── EXERCISE DATA ──
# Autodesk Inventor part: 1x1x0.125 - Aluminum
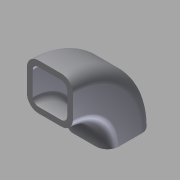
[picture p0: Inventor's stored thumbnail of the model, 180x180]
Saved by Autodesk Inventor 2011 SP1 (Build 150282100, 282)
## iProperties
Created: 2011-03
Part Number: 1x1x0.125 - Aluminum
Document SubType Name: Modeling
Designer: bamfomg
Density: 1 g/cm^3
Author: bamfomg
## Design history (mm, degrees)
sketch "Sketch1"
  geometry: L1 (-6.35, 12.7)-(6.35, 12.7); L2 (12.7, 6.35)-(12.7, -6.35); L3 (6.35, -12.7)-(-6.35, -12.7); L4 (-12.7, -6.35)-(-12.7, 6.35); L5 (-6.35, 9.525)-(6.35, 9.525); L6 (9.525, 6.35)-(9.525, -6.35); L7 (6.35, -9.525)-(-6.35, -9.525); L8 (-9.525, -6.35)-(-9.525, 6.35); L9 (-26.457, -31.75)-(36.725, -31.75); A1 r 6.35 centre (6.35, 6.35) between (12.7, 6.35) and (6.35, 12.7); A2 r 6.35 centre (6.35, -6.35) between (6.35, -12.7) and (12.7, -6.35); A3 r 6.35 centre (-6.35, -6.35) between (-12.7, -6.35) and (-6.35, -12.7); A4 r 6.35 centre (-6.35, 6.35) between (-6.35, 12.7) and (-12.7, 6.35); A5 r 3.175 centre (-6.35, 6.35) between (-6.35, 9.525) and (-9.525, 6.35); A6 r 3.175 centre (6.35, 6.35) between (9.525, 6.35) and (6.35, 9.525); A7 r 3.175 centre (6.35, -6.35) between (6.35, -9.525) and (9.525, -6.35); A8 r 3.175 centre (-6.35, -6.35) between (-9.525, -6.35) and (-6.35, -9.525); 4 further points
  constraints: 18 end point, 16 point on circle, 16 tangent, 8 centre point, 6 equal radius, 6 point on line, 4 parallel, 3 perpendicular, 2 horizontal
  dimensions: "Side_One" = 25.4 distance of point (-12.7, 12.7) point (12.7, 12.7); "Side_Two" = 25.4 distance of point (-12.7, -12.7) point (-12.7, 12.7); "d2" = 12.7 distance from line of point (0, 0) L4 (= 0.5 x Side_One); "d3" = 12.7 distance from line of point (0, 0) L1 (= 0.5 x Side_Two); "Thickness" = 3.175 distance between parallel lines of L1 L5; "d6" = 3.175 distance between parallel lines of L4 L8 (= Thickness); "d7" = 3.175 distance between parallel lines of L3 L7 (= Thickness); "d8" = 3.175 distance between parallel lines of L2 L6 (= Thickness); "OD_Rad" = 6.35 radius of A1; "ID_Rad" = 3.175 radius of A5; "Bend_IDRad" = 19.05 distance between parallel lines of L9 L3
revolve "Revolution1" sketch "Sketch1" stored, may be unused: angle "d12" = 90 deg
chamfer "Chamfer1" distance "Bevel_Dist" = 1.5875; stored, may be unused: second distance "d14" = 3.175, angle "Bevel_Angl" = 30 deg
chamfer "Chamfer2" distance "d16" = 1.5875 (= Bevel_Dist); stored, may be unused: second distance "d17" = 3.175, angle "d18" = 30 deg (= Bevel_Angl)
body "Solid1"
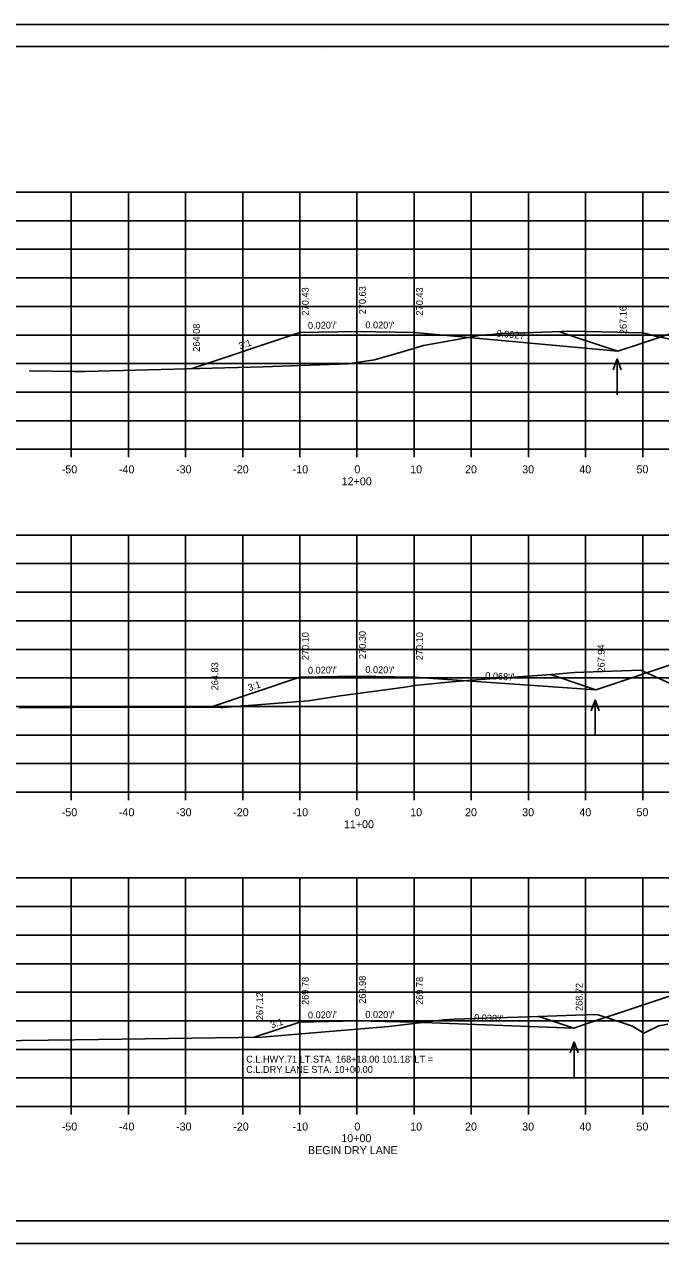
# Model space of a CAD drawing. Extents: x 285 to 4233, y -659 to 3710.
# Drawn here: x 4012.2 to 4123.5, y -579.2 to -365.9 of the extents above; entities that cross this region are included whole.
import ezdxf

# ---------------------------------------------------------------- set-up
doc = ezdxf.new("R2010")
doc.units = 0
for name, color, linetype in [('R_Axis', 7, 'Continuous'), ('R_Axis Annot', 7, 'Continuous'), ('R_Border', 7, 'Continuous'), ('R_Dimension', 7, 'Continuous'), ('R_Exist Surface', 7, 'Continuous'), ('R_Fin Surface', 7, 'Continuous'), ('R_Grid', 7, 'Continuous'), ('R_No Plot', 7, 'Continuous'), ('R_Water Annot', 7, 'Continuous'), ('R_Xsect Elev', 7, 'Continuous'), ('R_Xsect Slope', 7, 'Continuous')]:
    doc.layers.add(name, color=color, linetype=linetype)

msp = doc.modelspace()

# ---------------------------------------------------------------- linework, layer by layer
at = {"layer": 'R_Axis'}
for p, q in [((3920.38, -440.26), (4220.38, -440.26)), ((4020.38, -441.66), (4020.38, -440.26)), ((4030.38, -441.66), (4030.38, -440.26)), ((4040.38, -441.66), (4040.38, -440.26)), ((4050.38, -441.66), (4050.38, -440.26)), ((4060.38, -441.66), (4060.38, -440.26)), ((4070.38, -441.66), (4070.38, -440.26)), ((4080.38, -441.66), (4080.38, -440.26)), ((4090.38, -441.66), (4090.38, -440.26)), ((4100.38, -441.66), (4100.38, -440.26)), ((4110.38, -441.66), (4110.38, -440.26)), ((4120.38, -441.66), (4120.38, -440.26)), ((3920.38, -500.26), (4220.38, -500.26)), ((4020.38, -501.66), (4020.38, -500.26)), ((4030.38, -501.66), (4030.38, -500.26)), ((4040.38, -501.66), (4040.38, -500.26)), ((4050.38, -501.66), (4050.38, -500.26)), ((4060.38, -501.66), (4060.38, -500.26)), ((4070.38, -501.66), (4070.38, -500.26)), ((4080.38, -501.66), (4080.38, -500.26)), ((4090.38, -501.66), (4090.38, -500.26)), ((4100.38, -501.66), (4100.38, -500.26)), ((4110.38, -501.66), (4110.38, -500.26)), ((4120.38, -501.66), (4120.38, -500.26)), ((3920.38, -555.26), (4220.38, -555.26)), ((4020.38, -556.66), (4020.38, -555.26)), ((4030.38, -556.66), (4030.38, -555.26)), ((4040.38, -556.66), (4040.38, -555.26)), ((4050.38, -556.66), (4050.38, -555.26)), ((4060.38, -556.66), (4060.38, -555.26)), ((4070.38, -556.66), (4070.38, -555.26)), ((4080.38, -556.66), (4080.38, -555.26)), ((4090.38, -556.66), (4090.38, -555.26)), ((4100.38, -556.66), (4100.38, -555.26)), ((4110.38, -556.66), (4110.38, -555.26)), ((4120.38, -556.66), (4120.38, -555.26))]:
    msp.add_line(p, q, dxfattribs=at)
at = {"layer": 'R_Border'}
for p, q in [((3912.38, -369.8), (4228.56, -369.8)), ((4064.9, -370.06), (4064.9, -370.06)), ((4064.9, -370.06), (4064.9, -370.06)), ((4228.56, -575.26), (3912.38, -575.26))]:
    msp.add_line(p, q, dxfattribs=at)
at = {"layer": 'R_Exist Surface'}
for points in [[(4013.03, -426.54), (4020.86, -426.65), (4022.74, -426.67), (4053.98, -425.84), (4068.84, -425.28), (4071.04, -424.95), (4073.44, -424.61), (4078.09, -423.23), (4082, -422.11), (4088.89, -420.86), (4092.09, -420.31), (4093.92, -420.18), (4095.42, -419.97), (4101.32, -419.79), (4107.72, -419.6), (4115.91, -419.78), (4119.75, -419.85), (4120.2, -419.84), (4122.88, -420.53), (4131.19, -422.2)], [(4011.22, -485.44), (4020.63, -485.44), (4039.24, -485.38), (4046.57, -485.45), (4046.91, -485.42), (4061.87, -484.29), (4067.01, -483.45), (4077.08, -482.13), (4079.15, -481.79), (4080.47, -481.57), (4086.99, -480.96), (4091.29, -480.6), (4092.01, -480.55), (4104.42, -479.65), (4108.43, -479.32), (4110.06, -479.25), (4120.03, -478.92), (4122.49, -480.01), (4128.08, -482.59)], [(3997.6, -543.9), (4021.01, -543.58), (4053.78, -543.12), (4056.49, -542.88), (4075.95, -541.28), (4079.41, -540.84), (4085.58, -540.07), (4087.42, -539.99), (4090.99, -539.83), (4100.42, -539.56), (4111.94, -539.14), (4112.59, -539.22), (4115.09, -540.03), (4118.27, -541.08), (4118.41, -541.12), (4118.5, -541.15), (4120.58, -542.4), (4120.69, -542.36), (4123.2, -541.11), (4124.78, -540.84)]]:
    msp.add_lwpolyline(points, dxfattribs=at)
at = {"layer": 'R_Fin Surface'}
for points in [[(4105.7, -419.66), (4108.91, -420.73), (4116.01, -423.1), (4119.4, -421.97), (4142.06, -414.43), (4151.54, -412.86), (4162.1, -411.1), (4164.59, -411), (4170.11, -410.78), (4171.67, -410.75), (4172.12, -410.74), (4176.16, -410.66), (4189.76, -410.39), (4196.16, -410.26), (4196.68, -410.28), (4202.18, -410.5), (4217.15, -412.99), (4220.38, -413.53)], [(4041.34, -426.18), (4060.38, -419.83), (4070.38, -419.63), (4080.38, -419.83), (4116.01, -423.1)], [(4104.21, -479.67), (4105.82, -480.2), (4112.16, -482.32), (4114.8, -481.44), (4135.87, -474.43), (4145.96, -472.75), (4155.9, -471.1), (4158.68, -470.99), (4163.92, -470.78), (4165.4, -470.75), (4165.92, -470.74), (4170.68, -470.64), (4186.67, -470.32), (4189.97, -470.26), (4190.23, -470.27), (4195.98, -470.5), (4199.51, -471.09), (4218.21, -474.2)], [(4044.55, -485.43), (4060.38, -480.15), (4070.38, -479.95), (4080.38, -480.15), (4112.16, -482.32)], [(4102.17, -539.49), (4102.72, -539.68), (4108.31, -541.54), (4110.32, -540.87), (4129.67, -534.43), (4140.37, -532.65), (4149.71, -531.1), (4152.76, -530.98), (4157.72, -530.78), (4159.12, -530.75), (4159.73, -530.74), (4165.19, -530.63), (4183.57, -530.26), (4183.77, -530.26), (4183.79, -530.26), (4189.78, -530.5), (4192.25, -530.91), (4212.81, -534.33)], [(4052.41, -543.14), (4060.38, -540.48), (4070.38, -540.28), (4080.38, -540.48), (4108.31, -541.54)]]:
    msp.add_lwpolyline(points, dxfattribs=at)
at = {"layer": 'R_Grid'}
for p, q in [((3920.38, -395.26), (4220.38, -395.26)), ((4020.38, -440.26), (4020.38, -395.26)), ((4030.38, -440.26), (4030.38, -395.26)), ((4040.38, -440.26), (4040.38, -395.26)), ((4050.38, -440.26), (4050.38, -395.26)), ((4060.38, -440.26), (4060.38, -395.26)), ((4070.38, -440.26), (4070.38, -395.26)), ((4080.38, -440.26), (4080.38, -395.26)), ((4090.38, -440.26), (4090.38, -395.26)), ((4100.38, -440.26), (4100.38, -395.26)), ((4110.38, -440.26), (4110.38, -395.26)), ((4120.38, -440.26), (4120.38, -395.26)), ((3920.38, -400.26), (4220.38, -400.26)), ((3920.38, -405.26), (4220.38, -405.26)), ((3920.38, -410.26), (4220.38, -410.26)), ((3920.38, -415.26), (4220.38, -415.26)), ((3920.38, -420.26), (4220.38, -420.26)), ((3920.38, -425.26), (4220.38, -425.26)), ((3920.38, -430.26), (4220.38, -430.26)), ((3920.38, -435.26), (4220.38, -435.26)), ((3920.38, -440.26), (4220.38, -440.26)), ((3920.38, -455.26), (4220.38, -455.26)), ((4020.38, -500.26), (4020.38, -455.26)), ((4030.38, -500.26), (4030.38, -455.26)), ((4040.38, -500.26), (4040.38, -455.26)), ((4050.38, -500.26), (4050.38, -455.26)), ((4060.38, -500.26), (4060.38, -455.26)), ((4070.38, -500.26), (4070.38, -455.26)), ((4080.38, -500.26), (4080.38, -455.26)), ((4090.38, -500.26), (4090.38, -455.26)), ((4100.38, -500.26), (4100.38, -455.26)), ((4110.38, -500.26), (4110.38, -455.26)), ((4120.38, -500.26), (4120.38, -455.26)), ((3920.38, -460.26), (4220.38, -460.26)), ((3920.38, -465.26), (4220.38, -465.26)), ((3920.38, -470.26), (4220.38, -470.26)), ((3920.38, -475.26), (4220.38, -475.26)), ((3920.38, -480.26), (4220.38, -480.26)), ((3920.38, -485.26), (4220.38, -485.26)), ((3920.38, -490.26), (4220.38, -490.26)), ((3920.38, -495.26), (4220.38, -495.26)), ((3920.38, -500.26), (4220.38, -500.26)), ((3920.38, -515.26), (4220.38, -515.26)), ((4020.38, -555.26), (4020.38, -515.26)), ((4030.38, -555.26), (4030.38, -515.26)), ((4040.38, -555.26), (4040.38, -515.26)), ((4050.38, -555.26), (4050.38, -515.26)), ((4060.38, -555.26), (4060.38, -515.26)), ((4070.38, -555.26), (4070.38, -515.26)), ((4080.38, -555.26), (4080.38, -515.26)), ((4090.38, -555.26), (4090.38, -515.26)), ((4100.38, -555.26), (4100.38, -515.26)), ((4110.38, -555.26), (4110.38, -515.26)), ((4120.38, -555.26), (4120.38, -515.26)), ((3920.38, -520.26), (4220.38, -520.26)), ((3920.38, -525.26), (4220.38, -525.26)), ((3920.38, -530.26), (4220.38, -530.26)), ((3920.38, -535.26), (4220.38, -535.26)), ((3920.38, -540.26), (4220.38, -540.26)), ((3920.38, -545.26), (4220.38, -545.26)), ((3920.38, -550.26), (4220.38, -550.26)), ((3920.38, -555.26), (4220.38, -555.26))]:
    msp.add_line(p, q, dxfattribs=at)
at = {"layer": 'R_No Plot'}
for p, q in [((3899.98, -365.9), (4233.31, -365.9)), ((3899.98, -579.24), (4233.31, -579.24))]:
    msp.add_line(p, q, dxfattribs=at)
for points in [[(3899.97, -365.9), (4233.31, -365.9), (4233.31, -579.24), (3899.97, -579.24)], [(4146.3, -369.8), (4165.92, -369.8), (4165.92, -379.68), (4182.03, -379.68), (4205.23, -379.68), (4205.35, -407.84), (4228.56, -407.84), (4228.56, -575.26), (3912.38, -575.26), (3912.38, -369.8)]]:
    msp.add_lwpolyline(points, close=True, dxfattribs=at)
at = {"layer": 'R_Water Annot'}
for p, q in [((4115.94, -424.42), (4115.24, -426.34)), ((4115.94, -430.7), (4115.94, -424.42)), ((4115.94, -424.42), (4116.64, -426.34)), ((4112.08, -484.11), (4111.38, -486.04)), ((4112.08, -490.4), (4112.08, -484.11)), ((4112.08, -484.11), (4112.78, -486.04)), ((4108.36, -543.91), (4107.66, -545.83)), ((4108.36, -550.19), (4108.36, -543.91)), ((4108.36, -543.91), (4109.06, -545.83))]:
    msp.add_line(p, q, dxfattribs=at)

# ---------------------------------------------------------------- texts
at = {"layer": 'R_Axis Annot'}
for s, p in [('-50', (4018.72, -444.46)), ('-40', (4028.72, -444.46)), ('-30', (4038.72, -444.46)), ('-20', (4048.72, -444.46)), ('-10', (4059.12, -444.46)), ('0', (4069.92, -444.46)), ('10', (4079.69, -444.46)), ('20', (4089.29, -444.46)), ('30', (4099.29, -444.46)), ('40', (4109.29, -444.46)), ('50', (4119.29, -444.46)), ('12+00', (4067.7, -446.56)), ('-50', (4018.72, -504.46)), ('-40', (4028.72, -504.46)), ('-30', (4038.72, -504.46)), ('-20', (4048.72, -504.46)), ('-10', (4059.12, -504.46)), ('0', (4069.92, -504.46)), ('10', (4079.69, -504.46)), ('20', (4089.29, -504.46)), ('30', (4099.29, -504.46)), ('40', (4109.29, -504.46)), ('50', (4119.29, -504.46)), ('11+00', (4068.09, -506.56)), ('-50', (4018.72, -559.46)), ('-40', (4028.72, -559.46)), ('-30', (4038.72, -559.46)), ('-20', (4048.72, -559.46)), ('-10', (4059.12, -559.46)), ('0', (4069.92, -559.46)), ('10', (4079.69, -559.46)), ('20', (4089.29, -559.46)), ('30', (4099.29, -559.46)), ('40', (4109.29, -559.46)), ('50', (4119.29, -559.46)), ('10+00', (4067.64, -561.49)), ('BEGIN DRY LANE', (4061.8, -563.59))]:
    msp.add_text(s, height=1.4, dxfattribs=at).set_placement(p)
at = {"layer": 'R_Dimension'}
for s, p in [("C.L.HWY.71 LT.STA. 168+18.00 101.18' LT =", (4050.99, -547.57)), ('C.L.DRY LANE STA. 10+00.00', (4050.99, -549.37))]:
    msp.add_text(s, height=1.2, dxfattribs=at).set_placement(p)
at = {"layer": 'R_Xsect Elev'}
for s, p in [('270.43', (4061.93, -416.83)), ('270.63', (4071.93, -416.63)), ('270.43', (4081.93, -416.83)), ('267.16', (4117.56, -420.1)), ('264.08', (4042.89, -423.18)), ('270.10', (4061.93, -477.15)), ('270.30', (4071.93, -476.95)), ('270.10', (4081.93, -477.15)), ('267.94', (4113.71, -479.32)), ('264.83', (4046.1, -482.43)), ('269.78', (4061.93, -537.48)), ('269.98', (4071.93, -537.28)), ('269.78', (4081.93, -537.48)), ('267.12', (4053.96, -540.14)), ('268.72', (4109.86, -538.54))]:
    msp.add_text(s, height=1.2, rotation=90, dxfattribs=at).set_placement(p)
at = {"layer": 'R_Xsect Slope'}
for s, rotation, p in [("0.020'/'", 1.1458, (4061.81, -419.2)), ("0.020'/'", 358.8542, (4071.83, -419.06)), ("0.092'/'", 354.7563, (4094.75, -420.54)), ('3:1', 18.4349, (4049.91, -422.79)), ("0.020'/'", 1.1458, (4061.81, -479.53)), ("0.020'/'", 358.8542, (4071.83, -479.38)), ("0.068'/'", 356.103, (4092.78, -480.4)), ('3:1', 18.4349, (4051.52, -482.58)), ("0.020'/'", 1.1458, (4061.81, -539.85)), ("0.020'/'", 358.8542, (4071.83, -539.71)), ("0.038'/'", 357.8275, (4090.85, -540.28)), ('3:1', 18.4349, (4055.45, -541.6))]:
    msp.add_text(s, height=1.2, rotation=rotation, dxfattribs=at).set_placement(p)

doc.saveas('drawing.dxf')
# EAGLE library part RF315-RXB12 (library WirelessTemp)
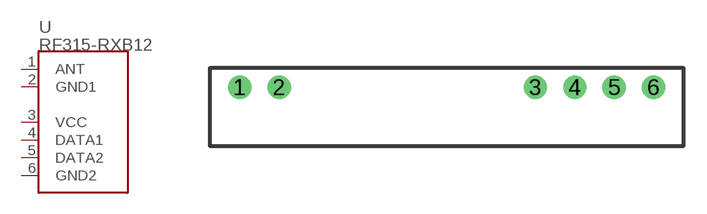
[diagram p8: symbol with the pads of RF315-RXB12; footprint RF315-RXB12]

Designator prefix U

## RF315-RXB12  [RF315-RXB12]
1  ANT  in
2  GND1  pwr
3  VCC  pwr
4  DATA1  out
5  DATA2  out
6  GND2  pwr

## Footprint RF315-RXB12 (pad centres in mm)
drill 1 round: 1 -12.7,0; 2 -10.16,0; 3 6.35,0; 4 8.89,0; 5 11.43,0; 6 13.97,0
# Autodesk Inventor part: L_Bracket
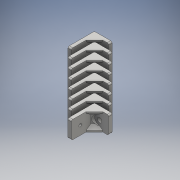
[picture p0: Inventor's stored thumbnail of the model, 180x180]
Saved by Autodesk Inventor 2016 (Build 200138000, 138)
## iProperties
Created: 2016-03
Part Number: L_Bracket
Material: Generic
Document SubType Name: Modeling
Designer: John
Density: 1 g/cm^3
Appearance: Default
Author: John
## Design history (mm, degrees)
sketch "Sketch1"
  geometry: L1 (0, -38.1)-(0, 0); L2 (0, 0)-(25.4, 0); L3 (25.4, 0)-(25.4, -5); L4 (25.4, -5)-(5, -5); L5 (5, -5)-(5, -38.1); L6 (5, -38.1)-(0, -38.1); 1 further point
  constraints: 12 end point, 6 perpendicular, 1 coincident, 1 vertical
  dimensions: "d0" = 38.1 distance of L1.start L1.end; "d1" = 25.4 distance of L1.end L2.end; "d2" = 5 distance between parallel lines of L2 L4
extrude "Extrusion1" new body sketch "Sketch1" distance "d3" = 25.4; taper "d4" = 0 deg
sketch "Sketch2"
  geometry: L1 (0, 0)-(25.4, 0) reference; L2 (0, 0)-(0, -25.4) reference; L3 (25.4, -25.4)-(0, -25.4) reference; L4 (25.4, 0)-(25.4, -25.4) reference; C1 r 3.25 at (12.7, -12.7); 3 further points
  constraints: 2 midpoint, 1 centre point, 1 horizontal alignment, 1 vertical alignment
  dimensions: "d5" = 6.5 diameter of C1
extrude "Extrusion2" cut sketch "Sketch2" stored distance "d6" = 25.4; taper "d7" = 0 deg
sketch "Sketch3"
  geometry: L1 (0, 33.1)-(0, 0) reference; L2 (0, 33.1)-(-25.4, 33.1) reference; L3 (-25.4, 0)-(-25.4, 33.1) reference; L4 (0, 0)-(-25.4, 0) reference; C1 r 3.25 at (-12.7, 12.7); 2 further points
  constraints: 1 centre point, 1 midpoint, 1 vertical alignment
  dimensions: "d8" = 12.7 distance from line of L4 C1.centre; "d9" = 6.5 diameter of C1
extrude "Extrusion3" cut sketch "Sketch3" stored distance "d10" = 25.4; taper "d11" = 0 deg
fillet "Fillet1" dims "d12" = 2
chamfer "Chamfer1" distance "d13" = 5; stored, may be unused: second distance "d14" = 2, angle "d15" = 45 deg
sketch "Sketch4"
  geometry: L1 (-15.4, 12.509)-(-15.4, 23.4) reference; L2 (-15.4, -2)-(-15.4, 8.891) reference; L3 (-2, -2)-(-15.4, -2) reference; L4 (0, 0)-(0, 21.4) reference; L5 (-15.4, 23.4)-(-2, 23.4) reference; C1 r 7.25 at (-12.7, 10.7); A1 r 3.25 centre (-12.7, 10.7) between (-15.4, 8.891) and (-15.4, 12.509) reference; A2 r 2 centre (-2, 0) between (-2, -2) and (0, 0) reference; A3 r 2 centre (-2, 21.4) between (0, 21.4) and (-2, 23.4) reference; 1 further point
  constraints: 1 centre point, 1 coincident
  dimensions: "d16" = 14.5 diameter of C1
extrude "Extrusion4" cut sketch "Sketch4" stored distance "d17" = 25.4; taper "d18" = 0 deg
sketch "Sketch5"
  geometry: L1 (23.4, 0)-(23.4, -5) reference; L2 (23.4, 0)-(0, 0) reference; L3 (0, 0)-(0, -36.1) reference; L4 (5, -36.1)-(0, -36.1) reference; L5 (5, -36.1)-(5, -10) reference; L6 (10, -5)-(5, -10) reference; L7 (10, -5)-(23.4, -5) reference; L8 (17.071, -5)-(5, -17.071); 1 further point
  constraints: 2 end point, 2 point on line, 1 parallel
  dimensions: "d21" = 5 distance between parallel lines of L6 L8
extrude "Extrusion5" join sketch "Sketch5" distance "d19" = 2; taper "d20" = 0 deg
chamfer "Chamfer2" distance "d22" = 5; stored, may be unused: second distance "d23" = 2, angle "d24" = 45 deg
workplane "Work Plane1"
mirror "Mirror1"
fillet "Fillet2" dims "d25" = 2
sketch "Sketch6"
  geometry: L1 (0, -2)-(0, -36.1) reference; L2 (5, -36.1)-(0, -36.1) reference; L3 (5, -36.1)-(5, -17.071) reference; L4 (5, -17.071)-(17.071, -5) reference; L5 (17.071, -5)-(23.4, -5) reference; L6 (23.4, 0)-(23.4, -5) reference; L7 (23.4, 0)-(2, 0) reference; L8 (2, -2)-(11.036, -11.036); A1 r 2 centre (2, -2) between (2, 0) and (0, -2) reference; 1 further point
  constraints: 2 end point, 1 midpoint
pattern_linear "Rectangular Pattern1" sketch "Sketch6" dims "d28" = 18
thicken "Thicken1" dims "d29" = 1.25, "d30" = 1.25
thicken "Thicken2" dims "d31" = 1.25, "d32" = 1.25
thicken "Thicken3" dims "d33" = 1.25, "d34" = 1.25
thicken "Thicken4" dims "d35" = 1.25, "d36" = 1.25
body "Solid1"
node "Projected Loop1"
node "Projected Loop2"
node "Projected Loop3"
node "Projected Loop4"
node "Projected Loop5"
───
◆ **TASK INSTRUCTIONS**
Print again, exactly, the lines of the records above from the first line through the line with "1.5875; stored, may". No pictures.

◆ **PROBLEM SOLUTION**
# Autodesk Inventor part: 1x1x0.125 - Aluminum
[picture p0: Inventor's stored thumbnail of the model, 180x180]
Saved by Autodesk Inventor 2011 SP1 (Build 150282100, 282)
## iProperties
Created: 2011-03
Part Number: 1x1x0.125 - Aluminum
Document SubType Name: Modeling
Designer: bamfomg
Density: 1 g/cm^3
Author: bamfomg
## Design history (mm, degrees)
sketch "Sketch1"
  geometry: L1 (-6.35, 12.7)-(6.35, 12.7); L2 (12.7, 6.35)-(12.7, -6.35); L3 (6.35, -12.7)-(-6.35, -12.7); L4 (-12.7, -6.35)-(-12.7, 6.35); L5 (-6.35, 9.525)-(6.35, 9.525); L6 (9.525, 6.35)-(9.525, -6.35); L7 (6.35, -9.525)-(-6.35, -9.525); L8 (-9.525, -6.35)-(-9.525, 6.35); L9 (-26.457, -31.75)-(36.725, -31.75); A1 r 6.35 centre (6.35, 6.35) between (12.7, 6.35) and (6.35, 12.7); A2 r 6.35 centre (6.35, -6.35) between (6.35, -12.7) and (12.7, -6.35); A3 r 6.35 centre (-6.35, -6.35) between (-12.7, -6.35) and (-6.35, -12.7); A4 r 6.35 centre (-6.35, 6.35) between (-6.35, 12.7) and (-12.7, 6.35); A5 r 3.175 centre (-6.35, 6.35) between (-6.35, 9.525) and (-9.525, 6.35); A6 r 3.175 centre (6.35, 6.35) between (9.525, 6.35) and (6.35, 9.525); A7 r 3.175 centre (6.35, -6.35) between (6.35, -9.525) and (9.525, -6.35); A8 r 3.175 centre (-6.35, -6.35) between (-9.525, -6.35) and (-6.35, -9.525); 4 further points
  constraints: 18 end point, 16 point on circle, 16 tangent, 8 centre point, 6 equal radius, 6 point on line, 4 parallel, 3 perpendicular, 2 horizontal
  dimensions: "Side_One" = 25.4 distance of point (-12.7, 12.7) point (12.7, 12.7); "Side_Two" = 25.4 distance of point (-12.7, -12.7) point (-12.7, 12.7); "d2" = 12.7 distance from line of point (0, 0) L4 (= 0.5 x Side_One); "d3" = 12.7 distance from line of point (0, 0) L1 (= 0.5 x Side_Two); "Thickness" = 3.175 distance between parallel lines of L1 L5; "d6" = 3.175 distance between parallel lines of L4 L8 (= Thickness); "d7" = 3.175 distance between parallel lines of L3 L7 (= Thickness); "d8" = 3.175 distance between parallel lines of L2 L6 (= Thickness); "OD_Rad" = 6.35 radius of A1; "ID_Rad" = 3.175 radius of A5; "Bend_IDRad" = 19.05 distance between parallel lines of L9 L3
revolve "Revolution1" sketch "Sketch1" stored, may be unused: angle "d12" = 90 deg
chamfer "Chamfer1" distance "Bevel_Dist" = 1.5875; stored, may be unused: second distance "d14" = 3.175, angle "Bevel_Angl" = 30 deg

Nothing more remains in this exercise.